● **Data to examine**
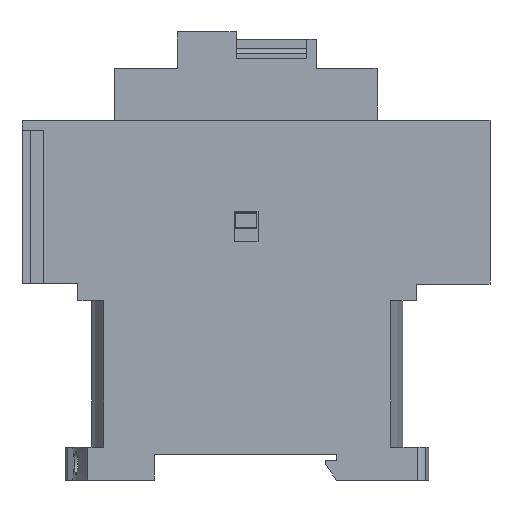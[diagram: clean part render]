
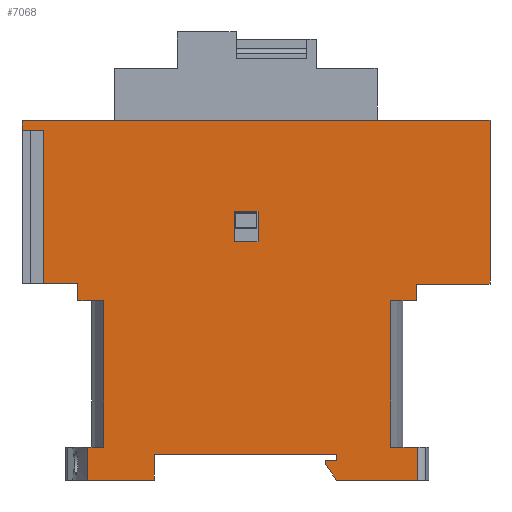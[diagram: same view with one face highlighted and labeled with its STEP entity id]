
A CAD part, left-side view. The second image highlights one B-rep face of the part: STEP entity #7068.
In plain terms, the highlighted planar face has unit normal (-1, 0, 0).
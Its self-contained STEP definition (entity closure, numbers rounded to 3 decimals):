
#2=DIRECTION('',(0.,0.,1.));
#3=VECTOR('',#2,6.524);
#4=CARTESIAN_POINT('',(0.,36.2,50.536));
#5=LINE('',#4,#3);
#6=DIRECTION('',(0.,1.,0.));
#7=VECTOR('',#6,5.072);
#8=CARTESIAN_POINT('',(0.,36.2,57.06));
#9=LINE('',#8,#7);
#10=DIRECTION('',(0.,0.,-1.));
#11=VECTOR('',#10,6.524);
#12=CARTESIAN_POINT('',(0.,41.272,57.06));
#13=LINE('',#12,#11);
#14=DIRECTION('',(0.,-1.,0.));
#15=VECTOR('',#14,5.072);
#16=CARTESIAN_POINT('',(0.,41.272,50.536));
#17=LINE('',#16,#15);
#18=DIRECTION('',(0.,0.,1.));
#19=VECTOR('',#18,31.054);
#20=CARTESIAN_POINT('',(0.,68.946,7.));
#21=LINE('',#20,#19);
#22=DIRECTION('',(0.,-1.,0.));
#23=VECTOR('',#22,5.454);
#24=CARTESIAN_POINT('',(0.,74.4,38.054));
#25=LINE('',#24,#23);
#26=DIRECTION('',(0.,0.,-1.));
#27=VECTOR('',#26,3.639);
#28=CARTESIAN_POINT('',(0.,74.4,41.693));
#29=LINE('',#28,#27);
#30=DIRECTION('',(0.,-1.,0.));
#31=VECTOR('',#30,7.217);
#32=CARTESIAN_POINT('',(0.,81.617,41.693));
#33=LINE('',#32,#31);
#34=DIRECTION('',(0.,0.,-1.));
#35=VECTOR('',#34,32.5);
#36=CARTESIAN_POINT('',(0.,81.617,74.193));
#37=LINE('',#36,#35);
#38=DIRECTION('',(0.,1.,0.));
#39=VECTOR('',#38,4.632);
#40=CARTESIAN_POINT('',(0.,81.617,74.193));
#41=LINE('',#40,#39);
#42=DIRECTION('',(0.,0.,-1.));
#43=VECTOR('',#42,2.004);
#44=CARTESIAN_POINT('',(0.,86.249,76.197));
#45=LINE('',#44,#43);
#46=DIRECTION('',(0.,0.,1.));
#47=VECTOR('',#46,0.125);
#48=CARTESIAN_POINT('',(0.,10.969,76.197));
#49=LINE('',#48,#47);
#50=DIRECTION('',(0.,1.,0.));
#51=VECTOR('',#50,23.954);
#52=CARTESIAN_POINT('',(0.,-12.985,76.322));
#53=LINE('',#52,#51);
#54=DIRECTION('',(0.,0.,1.));
#55=VECTOR('',#54,34.732);
#56=CARTESIAN_POINT('',(0.,-12.985,41.59));
#57=LINE('',#56,#55);
#58=DIRECTION('',(0.,-1.,0.));
#59=VECTOR('',#58,15.585);
#60=CARTESIAN_POINT('',(0.,2.6,41.59));
#61=LINE('',#60,#59);
#62=DIRECTION('',(0.,0.,1.));
#63=VECTOR('',#62,3.536);
#64=CARTESIAN_POINT('',(0.,2.6,38.054));
#65=LINE('',#64,#63);
#66=DIRECTION('',(0.,0.,1.));
#67=VECTOR('',#66,31.054);
#68=CARTESIAN_POINT('',(0.,8.092,7.));
#69=LINE('',#68,#67);
#70=DIRECTION('',(0.,0.,1.));
#71=VECTOR('',#70,7.);
#72=CARTESIAN_POINT('',(0.,2.402,0.));
#73=LINE('',#72,#71);
#74=DIRECTION('',(0.,-1.,0.));
#75=VECTOR('',#74,17.148);
#76=CARTESIAN_POINT('',(0.,19.549,0.));
#77=LINE('',#76,#75);
#78=DIRECTION('',(0.,-0.574,-0.819));
#79=VECTOR('',#78,4.273);
#80=CARTESIAN_POINT('',(0.,22.,3.5));
#81=LINE('',#80,#79);
#82=DIRECTION('',(0.,0.,-1.));
#83=VECTOR('',#82,0.7);
#84=CARTESIAN_POINT('',(0.,22.,4.2));
#85=LINE('',#84,#83);
#86=DIRECTION('',(0.,1.,0.));
#87=VECTOR('',#86,2.4);
#88=CARTESIAN_POINT('',(0.,19.6,4.2));
#89=LINE('',#88,#87);
#90=DIRECTION('',(0.,0.,-1.));
#91=VECTOR('',#90,1.3);
#92=CARTESIAN_POINT('',(0.,19.6,5.5));
#93=LINE('',#92,#91);
#94=DIRECTION('',(0.,-1.,0.));
#95=VECTOR('',#94,38.6);
#96=CARTESIAN_POINT('',(0.,58.2,5.5));
#97=LINE('',#96,#95);
#98=DIRECTION('',(0.,0.,1.));
#99=VECTOR('',#98,5.5);
#100=CARTESIAN_POINT('',(0.,58.2,0.));
#101=LINE('',#100,#99);
#102=DIRECTION('',(0.,-1.,0.));
#103=VECTOR('',#102,14.101);
#104=CARTESIAN_POINT('',(0.,72.301,0.));
#105=LINE('',#104,#103);
#106=DIRECTION('',(0.,0.,1.));
#107=VECTOR('',#106,7.);
#108=CARTESIAN_POINT('',(0.,72.301,0.));
#109=LINE('',#108,#107);
#243=DIRECTION('',(0.,1.,0.));
#244=VECTOR('',#243,3.354);
#245=CARTESIAN_POINT('',(0.,68.946,7.));
#246=LINE('',#245,#244);
#326=DIRECTION('',(0.,1.,0.));
#327=VECTOR('',#326,5.691);
#328=CARTESIAN_POINT('',(0.,2.402,7.));
#329=LINE('',#328,#327);
#992=DIRECTION('',(0.,-1.,0.));
#993=VECTOR('',#992,5.492);
#994=CARTESIAN_POINT('',(0.,8.092,38.054));
#995=LINE('',#994,#993);
#2345=DIRECTION('',(0.,1.,0.));
#2346=VECTOR('',#2345,75.28);
#2347=CARTESIAN_POINT('',(0.,10.969,76.197));
#2348=LINE('',#2347,#2346);
#5493=CARTESIAN_POINT('',(0.,2.6,38.054));
#5494=CARTESIAN_POINT('',(0.,2.6,41.59));
#5495=VERTEX_POINT('',#5493);
#5496=VERTEX_POINT('',#5494);
#5497=CARTESIAN_POINT('',(0.,-12.985,41.59));
#5498=VERTEX_POINT('',#5497);
#5499=CARTESIAN_POINT('',(0.,-12.985,76.322));
#5500=VERTEX_POINT('',#5499);
#5501=CARTESIAN_POINT('',(0.,58.2,0.));
#5502=CARTESIAN_POINT('',(0.,58.2,5.5));
#5503=VERTEX_POINT('',#5501);
#5504=VERTEX_POINT('',#5502);
#5505=CARTESIAN_POINT('',(0.,19.6,5.5));
#5506=VERTEX_POINT('',#5505);
#5507=CARTESIAN_POINT('',(0.,19.6,4.2));
#5508=VERTEX_POINT('',#5507);
#5509=CARTESIAN_POINT('',(0.,22.,4.2));
#5510=VERTEX_POINT('',#5509);
#5511=CARTESIAN_POINT('',(0.,22.,3.5));
#5512=VERTEX_POINT('',#5511);
#5513=CARTESIAN_POINT('',(0.,19.549,0.));
#5514=VERTEX_POINT('',#5513);
#5537=CARTESIAN_POINT('',(0.,74.4,41.693));
#5539=VERTEX_POINT('',#5537);
#5627=CARTESIAN_POINT('',(0.,10.969,76.322));
#5628=VERTEX_POINT('',#5627);
#5639=CARTESIAN_POINT('',(0.,72.301,0.));
#5640=CARTESIAN_POINT('',(0.,72.301,7.));
#5641=VERTEX_POINT('',#5639);
#5642=VERTEX_POINT('',#5640);
#5663=CARTESIAN_POINT('',(0.,2.402,0.));
#5664=CARTESIAN_POINT('',(0.,2.402,7.));
#5665=VERTEX_POINT('',#5663);
#5666=VERTEX_POINT('',#5664);
#5703=CARTESIAN_POINT('',(0.,36.2,50.536));
#5704=CARTESIAN_POINT('',(0.,36.2,57.06));
#5705=VERTEX_POINT('',#5703);
#5706=VERTEX_POINT('',#5704);
#5707=CARTESIAN_POINT('',(0.,41.272,57.06));
#5708=VERTEX_POINT('',#5707);
#5709=CARTESIAN_POINT('',(0.,41.272,50.536));
#5710=VERTEX_POINT('',#5709);
#5799=CARTESIAN_POINT('',(0.,10.969,76.197));
#5800=VERTEX_POINT('',#5799);
#5805=CARTESIAN_POINT('',(0.,86.249,76.197));
#5806=VERTEX_POINT('',#5805);
#6511=CARTESIAN_POINT('',(0.,81.617,74.193));
#6512=CARTESIAN_POINT('',(0.,86.249,74.193));
#6513=VERTEX_POINT('',#6511);
#6514=VERTEX_POINT('',#6512);
#6515=CARTESIAN_POINT('',(0.,81.617,41.693));
#6516=VERTEX_POINT('',#6515);
#6879=CARTESIAN_POINT('',(0.,68.946,7.));
#6880=CARTESIAN_POINT('',(0.,68.946,38.054));
#6881=VERTEX_POINT('',#6879);
#6882=VERTEX_POINT('',#6880);
#6883=CARTESIAN_POINT('',(0.,8.092,7.));
#6884=CARTESIAN_POINT('',(0.,8.092,38.054));
#6885=VERTEX_POINT('',#6883);
#6886=VERTEX_POINT('',#6884);
#6899=CARTESIAN_POINT('',(0.,74.4,38.054));
#6900=VERTEX_POINT('',#6899);
#6997=CARTESIAN_POINT('',(0.,0.,0.));
#6998=DIRECTION('',(-1.,0.,0.));
#6999=DIRECTION('',(0.,0.,1.));
#7000=AXIS2_PLACEMENT_3D('',#6997,#6998,#6999);
#7001=PLANE('',#7000);
#7003=ORIENTED_EDGE('',*,*,#7002,.F.);
#7005=ORIENTED_EDGE('',*,*,#7004,.T.);
#7007=ORIENTED_EDGE('',*,*,#7006,.F.);
#7009=ORIENTED_EDGE('',*,*,#7008,.F.);
#7011=ORIENTED_EDGE('',*,*,#7010,.F.);
#7013=ORIENTED_EDGE('',*,*,#7012,.F.);
#7015=ORIENTED_EDGE('',*,*,#7014,.T.);
#7017=ORIENTED_EDGE('',*,*,#7016,.F.);
#7019=ORIENTED_EDGE('',*,*,#7018,.F.);
#7021=ORIENTED_EDGE('',*,*,#7020,.T.);
#7023=ORIENTED_EDGE('',*,*,#7022,.F.);
#7025=ORIENTED_EDGE('',*,*,#7024,.F.);
#7027=ORIENTED_EDGE('',*,*,#7026,.F.);
#7029=ORIENTED_EDGE('',*,*,#7028,.F.);
#7031=ORIENTED_EDGE('',*,*,#7030,.F.);
#7033=ORIENTED_EDGE('',*,*,#7032,.F.);
#7035=ORIENTED_EDGE('',*,*,#7034,.F.);
#7037=ORIENTED_EDGE('',*,*,#7036,.F.);
#7039=ORIENTED_EDGE('',*,*,#7038,.F.);
#7041=ORIENTED_EDGE('',*,*,#7040,.F.);
#7043=ORIENTED_EDGE('',*,*,#7042,.F.);
#7045=ORIENTED_EDGE('',*,*,#7044,.F.);
#7047=ORIENTED_EDGE('',*,*,#7046,.F.);
#7049=ORIENTED_EDGE('',*,*,#7048,.F.);
#7051=ORIENTED_EDGE('',*,*,#7050,.F.);
#7053=ORIENTED_EDGE('',*,*,#7052,.F.);
#7055=ORIENTED_EDGE('',*,*,#7054,.T.);
#7056=EDGE_LOOP('',(#7003,#7005,#7007,#7009,#7011,#7013,#7015,#7017,#7019,#7021,
#7023,#7025,#7027,#7029,#7031,#7033,#7035,#7037,#7039,#7041,#7043,#7045,#7047,
#7049,#7051,#7053,#7055));
#7057=FACE_OUTER_BOUND('',#7056,.F.);
#7059=ORIENTED_EDGE('',*,*,#7058,.T.);
#7061=ORIENTED_EDGE('',*,*,#7060,.T.);
#7063=ORIENTED_EDGE('',*,*,#7062,.T.);
#7065=ORIENTED_EDGE('',*,*,#7064,.T.);
#7066=EDGE_LOOP('',(#7059,#7061,#7063,#7065));
#7067=FACE_BOUND('',#7066,.F.);
#7002=EDGE_CURVE('',#6881,#5642,#246,.T.);
#7004=EDGE_CURVE('',#6881,#6882,#21,.T.);
#7006=EDGE_CURVE('',#6900,#6882,#25,.T.);
#7008=EDGE_CURVE('',#5539,#6900,#29,.T.);
#7010=EDGE_CURVE('',#6516,#5539,#33,.T.);
#7012=EDGE_CURVE('',#6513,#6516,#37,.T.);
#7014=EDGE_CURVE('',#6513,#6514,#41,.T.);
#7016=EDGE_CURVE('',#5806,#6514,#45,.T.);
#7018=EDGE_CURVE('',#5800,#5806,#2348,.T.);
#7020=EDGE_CURVE('',#5800,#5628,#49,.T.);
#7022=EDGE_CURVE('',#5500,#5628,#53,.T.);
#7024=EDGE_CURVE('',#5498,#5500,#57,.T.);
#7026=EDGE_CURVE('',#5496,#5498,#61,.T.);
#7028=EDGE_CURVE('',#5495,#5496,#65,.T.);
#7030=EDGE_CURVE('',#6886,#5495,#995,.T.);
#7032=EDGE_CURVE('',#6885,#6886,#69,.T.);
#7034=EDGE_CURVE('',#5666,#6885,#329,.T.);
#7036=EDGE_CURVE('',#5665,#5666,#73,.T.);
#7038=EDGE_CURVE('',#5514,#5665,#77,.T.);
#7040=EDGE_CURVE('',#5512,#5514,#81,.T.);
#7042=EDGE_CURVE('',#5510,#5512,#85,.T.);
#7044=EDGE_CURVE('',#5508,#5510,#89,.T.);
#7046=EDGE_CURVE('',#5506,#5508,#93,.T.);
#7048=EDGE_CURVE('',#5504,#5506,#97,.T.);
#7050=EDGE_CURVE('',#5503,#5504,#101,.T.);
#7052=EDGE_CURVE('',#5641,#5503,#105,.T.);
#7054=EDGE_CURVE('',#5641,#5642,#109,.T.);
#7058=EDGE_CURVE('',#5705,#5706,#5,.T.);
#7060=EDGE_CURVE('',#5706,#5708,#9,.T.);
#7062=EDGE_CURVE('',#5708,#5710,#13,.T.);
#7064=EDGE_CURVE('',#5710,#5705,#17,.T.);
#7068=ADVANCED_FACE('',(#7057,#7067),#7001,.T.);

● **Work instruction**
Reproduce the lines word for word, starting at the one holding "#7058=EDGE_CURVE('',#5705,#5706,#5,.T.);" and ending at the final line of the material above.

● **Completed exercise**
#7058=EDGE_CURVE('',#5705,#5706,#5,.T.);
#7060=EDGE_CURVE('',#5706,#5708,#9,.T.);
#7062=EDGE_CURVE('',#5708,#5710,#13,.T.);
#7064=EDGE_CURVE('',#5710,#5705,#17,.T.);
#7068=ADVANCED_FACE('',(#7057,#7067),#7001,.T.);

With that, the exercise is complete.